Why do you believe this will be a historic moment for Palestine?

The March shall be the first mass mobilization of this size since 1967. Internationals will walk hand in hand with Palestinians modeled on the South African anti-apartheid movement of the 1980’s. This siege has been imposed upon Palestinian people due to them exercising their democratic choice. The significance of this March, however, also goes beyond the siege. As Palestinians 750,000 of us have been displaced and forced to become refugees. Palestinians living in 1948 land experience racial discrimination on daily basis and there is systematic policy of ethnic cleansing in place.

What is your message to the international community?

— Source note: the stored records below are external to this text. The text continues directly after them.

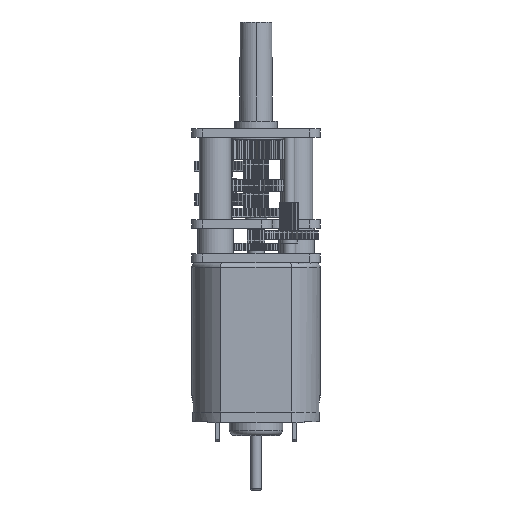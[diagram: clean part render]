
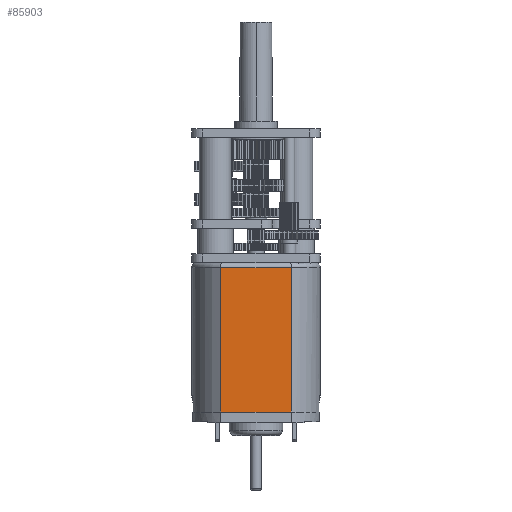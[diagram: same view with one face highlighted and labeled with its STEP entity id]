
A CAD part, front view. The second image highlights one B-rep face of the part: STEP entity #85903.
In plain terms, the highlighted planar face has unit normal (0, -1, 0).
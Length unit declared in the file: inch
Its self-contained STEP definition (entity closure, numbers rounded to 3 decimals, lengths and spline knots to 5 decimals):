
#884 = CARTESIAN_POINT ( 'NONE',  ( 0.04353, -0.19685, -0.55118 ) ) ;
#2504 = B_SPLINE_CURVE_WITH_KNOTS ( 'NONE', 3,
 ( #59302, #111399, #884, #86251 ),
 .UNSPECIFIED., .F., .F.,
 ( 4, 4 ),
 ( 0., 1. ),
 .UNSPECIFIED. ) ;
#3229 = DIRECTION ( 'NONE',  ( -1., 0., 0. ) ) ;
#16289 = EDGE_LOOP ( 'NONE', ( #21177, #105483, #151136, #72407 ) ) ;
#17600 = PLANE ( 'NONE',  #144807 ) ;
#21177 = ORIENTED_EDGE ( 'NONE', *, *, #61995, .T. ) ;
#25965 = LINE ( 'NONE', #42069, #50240 ) ;
#27230 = CARTESIAN_POINT ( 'NONE',  ( 0.13057, -0.19683, -0.55118 ) ) ;
#27843 = LINE ( 'NONE', #151837, #66860 ) ;
#33712 = DIRECTION ( 'NONE',  ( 1., 0., 0. ) ) ;
#37680 = EDGE_CURVE ( 'NONE', #79465, #96275, #2504, .T. ) ;
#41859 = VERTEX_POINT ( 'NONE', #111051 ) ;
#42069 = CARTESIAN_POINT ( 'NONE',  ( -0.13058, -0.19685, -0.55118 ) ) ;
#46331 = CARTESIAN_POINT ( 'NONE',  ( 0., -0.19685, -0.55118 ) ) ;
#50240 = VECTOR ( 'NONE', #147281, 39.37008 ) ;
#58536 = CARTESIAN_POINT ( 'NONE',  ( -0.13057, -0.19683, -0.55118 ) ) ;
#59302 = CARTESIAN_POINT ( 'NONE',  ( -0.13057, -0.19683, -0.55118 ) ) ;
#61995 = EDGE_CURVE ( 'NONE', #96275, #41859, #27843, .T. ) ;
#66860 = VECTOR ( 'NONE', #137488, 39.37008 ) ;
#72407 = ORIENTED_EDGE ( 'NONE', *, *, #37680, .T. ) ;
#79465 = VERTEX_POINT ( 'NONE', #58536 ) ;
#85903 = ADVANCED_FACE ( 'NONE', ( #166709 ), #17600, .T. ) ;
#86251 = CARTESIAN_POINT ( 'NONE',  ( 0.13057, -0.19683, -0.55118 ) ) ;
#89655 = EDGE_CURVE ( 'NONE', #79465, #111946, #25965, .T. ) ;
#96275 = VERTEX_POINT ( 'NONE', #27230 ) ;
#99891 = CARTESIAN_POINT ( 'NONE',  ( -0.13058, -0.19685, -0.01969 ) ) ;
#105483 = ORIENTED_EDGE ( 'NONE', *, *, #138357, .T. ) ;
#111051 = CARTESIAN_POINT ( 'NONE',  ( 0.13058, -0.19685, -0.01969 ) ) ;
#111399 = CARTESIAN_POINT ( 'NONE',  ( -0.04353, -0.19685, -0.55118 ) ) ;
#111946 = VERTEX_POINT ( 'NONE', #99891 ) ;
#114626 = DIRECTION ( 'NONE',  ( 0., -1., 0. ) ) ;
#120529 = VECTOR ( 'NONE', #3229, 39.37008 ) ;
#126362 = LINE ( 'NONE', #156794, #120529 ) ;
#137488 = DIRECTION ( 'NONE',  ( 0., 0., 1. ) ) ;
#138357 = EDGE_CURVE ( 'NONE', #41859, #111946, #126362, .T. ) ;
#144807 = AXIS2_PLACEMENT_3D ( 'NONE', #46331, #114626, #33712 ) ;
#147281 = DIRECTION ( 'NONE',  ( 0., 0., 1. ) ) ;
#151136 = ORIENTED_EDGE ( 'NONE', *, *, #89655, .F. ) ;
#151837 = CARTESIAN_POINT ( 'NONE',  ( 0.13058, -0.19685, -0.55118 ) ) ;
#156794 = CARTESIAN_POINT ( 'NONE',  ( 0., -0.19685, -0.01969 ) ) ;
#166709 = FACE_OUTER_BOUND ( 'NONE', #16289, .T. ) ;

If I could put into a slogan the current climate in Gaza I would say “we are fed up”. The international community has only given us empty rhetoric and lip service and in the meantime we have been suffering. For this reason we rely on the people of the world and their power to change the course of the future. We believe in people to people solidarity in order to bring down the Israeli apartheid regime. We want peace with justice. This March shall be the first crack, the first concrete step to end the siege and the illegal occupation. This shall be a wake up call to the international community that as Palestinians we shall no longer tolerate hypocrisy.

What is your message to Israel?

You cannot go on committing war crimes and crimes against humanity as witnessed by judge Goldstone with impunity forever. Recent events in the UK against Livni have shown that also the world will not tolerate Nazi like acts committed by a Nazi like government against civilians.

To the people of Israel I say you voted for the most fascist government since 1948 expecting your government to completely get rid of Palestinians. History has shown us that this will only backfire and bring more wars affecting not only Palestinians but the entire Middle East and inevitably Israel. Exactly like apartheid South Africa campaigned when their state became a pariah state; this is your time to put pressure on your government to implement the UN resolution which calls for an end to the occupation and allows the return of refugees. Peace without justice is not peace.

What will happen after the March?

The March is not symbolic but rather we expect it to be part of a series of events which will lead to the end of the siege. We want to intensify and continue building a global Boycott, Divestment and Sanctions (BDS) campaign which is human rights based and calling for the implementation of international law and an end to the occupation.

We will continue to host international delegations visiting us and together we will be calling for Israeli war criminals to be tried in international courts.

Bianca Zammit is a member of the International Solidarity Movement in Gaza and of the Boycott, Divestment and Sanctions (BDS) Movement. She contributed this article to PalestineChronicle.com.